This is the best I could do to revive a sense of the sort of person he was.

I've met a lot of people over the last 15 years, very few have made such a
lasting impression based on so little actual contact. As someone else already
touched on in this thread he must have left a trail behind him of such events
and I don't doubt it for one second.

------
rev087
I'll never look at my Logitech mice the same way again. Thanks for sharing
such a nice story.

------
oozcitak
Extrapolating from this little story, René Sommer probably touched many souls
along his life's journey. This, in my opinion is as important as his
contributions to the computer mouse. Thanks for the nice story.
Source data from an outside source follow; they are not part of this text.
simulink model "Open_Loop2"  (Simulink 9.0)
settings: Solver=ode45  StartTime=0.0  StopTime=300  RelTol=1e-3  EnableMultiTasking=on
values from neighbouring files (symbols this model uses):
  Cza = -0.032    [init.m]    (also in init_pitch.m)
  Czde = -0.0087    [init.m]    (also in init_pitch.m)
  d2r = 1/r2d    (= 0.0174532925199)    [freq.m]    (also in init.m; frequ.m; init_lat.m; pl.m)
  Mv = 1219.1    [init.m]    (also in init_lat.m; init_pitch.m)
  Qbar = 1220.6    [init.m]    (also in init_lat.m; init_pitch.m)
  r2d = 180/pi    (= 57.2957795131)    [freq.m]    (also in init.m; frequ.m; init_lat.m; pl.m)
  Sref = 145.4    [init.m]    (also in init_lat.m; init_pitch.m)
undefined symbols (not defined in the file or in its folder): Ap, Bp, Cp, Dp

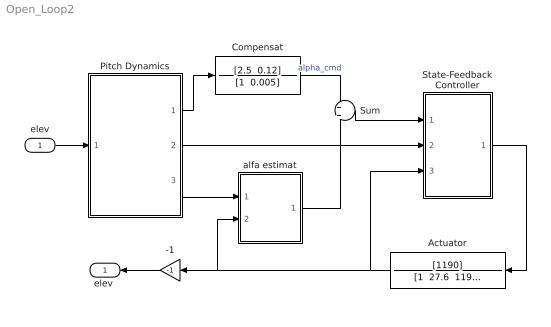
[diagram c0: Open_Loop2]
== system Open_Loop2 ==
  elev : Inport
  -1 : Gain  Gain=-1
  Actuator : TransferFcn  Numerator=[1190]  Denominator="[1  27.6  1190]"
  Compensat : TransferFcn  Numerator="[2.5  0.12]"  Denominator="[1  0.005]"
  Pitch Dynamics : Subsystem
  State-Feedback Controller : Subsystem
  Sum : Sum  Inputs=+|+
  alfa estimat : Subsystem
  "elev " : Outport
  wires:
  Pitch Dynamics/2(q) -> State-Feedback Controller/2(q)
  Sum/1 -> State-Feedback Controller/1(alfa)
  Compensat/1 -> Sum/1  "alpha_cmd"
  State-Feedback Controller/1(delv_cmd) -> Actuator/1
  Actuator/1 -> alfa estimat/2(d-elev), -1/1, State-Feedback Controller/3(d-elev)
  Pitch Dynamics/3(Nz) -> alfa estimat/1(Nz)
  alfa estimat/1(alf_est) -> Sum/2
  elev/1 -> Pitch Dynamics/1(elev)
  Pitch Dynamics/1(gamma) -> Compensat/1
  -1/1 -> "elev "/1

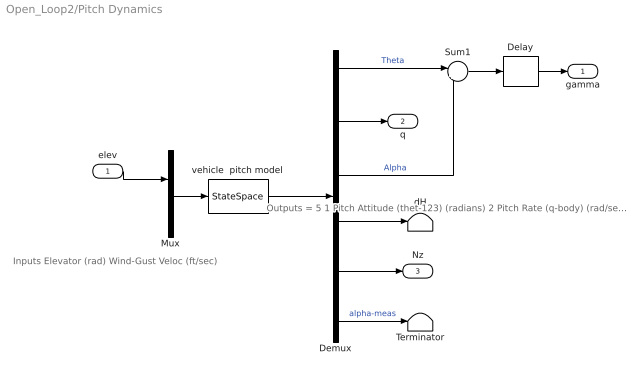
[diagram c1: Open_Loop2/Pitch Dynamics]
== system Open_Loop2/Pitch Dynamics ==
  note: Inputs Elevator (rad) Wind-Gust Veloc (ft/sec)
  note: Outputs = 5 1 Pitch Attitude (thet-123) (radians) 2 Pitch Rate (q-body) (rad/sec) 3 Angle of attack, alfa, (radians) 4 Change in Altitude, delta-H, (feet) 5 Z-Acceleromet, (ft/sec^2) Translation 6 Alpha Sensed at Vane (radian)
  elev : Inport
  Delay : TransportDelay  DelayTime=0.7  PadeOrder=2
  Demux : Demux  Outputs=6
  Mux : Mux  Inputs=2
  Sum1 : Sum  Inputs=|+-
  Terminator : Terminator
  dH : Terminator
  vehicle  pitch model : StateSpace  A=Ap  B=Bp  C=Cp  D=Dp  InitialCondition=0
  gamma : Outport
  q : Outport  Port=2
  Nz : Outport  Port=3
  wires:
  Mux/1 -> vehicle  pitch model/1
  Demux/2 -> q/1
  elev/1 -> Mux/1
  Demux/3 -> Sum1/2  "Alpha"
  Demux/6 -> Terminator/1  "alpha-meas"
  Sum1/1 -> Delay/1
  Demux/1 -> Sum1/1  "Theta"
  Demux/5 -> Nz/1
  Demux/4 -> dH/1
  vehicle  pitch model/1 -> Demux/1
  Delay/1 -> gamma/1

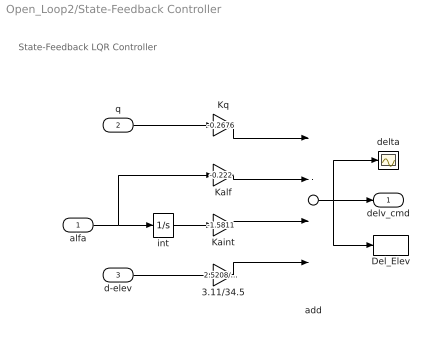
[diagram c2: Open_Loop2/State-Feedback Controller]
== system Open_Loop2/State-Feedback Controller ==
  note: State-Feedback LQR Controller
  alfa : Inport
  q : Inport  Port=2
  d-elev : Inport  Port=3
  3.11/34.5 : Gain  Gain=2.5208/34.5
  Del_Elev : ToWorkspace  VariableName=delev  SampleTime=-1
  Kaint : Gain  Gain=-1.5811
  Kalf : Gain  Gain=-0.222
  Kq : Gain  Gain=-0.2676
  add : Sum  Inputs=----
  delta : Scope
  int : Integrator
  delv_cmd : Outport
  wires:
  alfa/1 -> int/1, Kalf/1
  int/1 -> Kaint/1
  Kq/1 -> add/1
  Kalf/1 -> add/2
  Kaint/1 -> add/3
  3.11/34.5/1 -> add/4
  d-elev/1 -> 3.11/34.5/1
  q/1 -> Kq/1
  add/1 -> delv_cmd/1, delta/1, Del_Elev/1

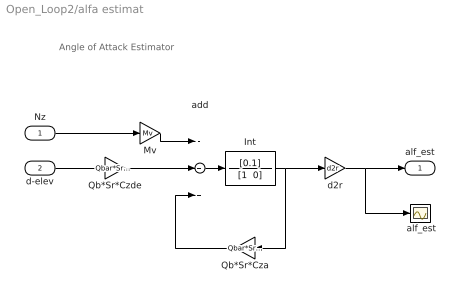
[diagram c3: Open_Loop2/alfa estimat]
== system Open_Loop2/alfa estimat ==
  note: Angle of Attack Estimator
  Nz : Inport
  d-elev : Inport  Port=2
  " alf_est" : Scope
  Int : TransferFcn  Numerator=[0.1]  Denominator="[1  0]"
  Mv : Gain  Gain=Mv
  Qb*Sr*Cza : Gain  Gain=Qbar*Sref*Cza
  Qb*Sr*Czde : Gain  Gain=Qbar*Sref*Czde*r2d
  add : Sum  Inputs=-++
  d2r : Gain  Gain=d2r
  alf_est : Outport
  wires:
  add/1 -> Int/1
  Qb*Sr*Cza/1 -> add/3
  Mv/1 -> add/1
  Qb*Sr*Czde/1 -> add/2
  d2r/1 -> " alf_est"/1, alf_est/1
  Int/1 -> Qb*Sr*Cza/1, d2r/1
  d-elev/1 -> Qb*Sr*Czde/1
  Nz/1 -> Mv/1

Rest in peace
René.

------
binarymax
Glance at my mouse and, yes, its a Logitech. Thank you for this story.

------
nfnaaron
I tip my little blue wireless Logitech mouse to Rene, and to you Jacques.
Thank you.

------
edw519
We often get so immersed in detail that we tend to forget that it's _not_
about the ones and zeros. It's all about other people. Thanks for the
reminder, Jacques. RIP Rene.

------
yanowitz
This is just a beautiful obituary. Thank you.

------
drats
A well told story about great people. And also a refreshing break to have
people who know about Engelbart rather than trying to locate all UI design on
a certain infinite loop in Cupertino.

------
rubyrescue
that's a wonderful story!

------
balding_n_tired
Quite a guy.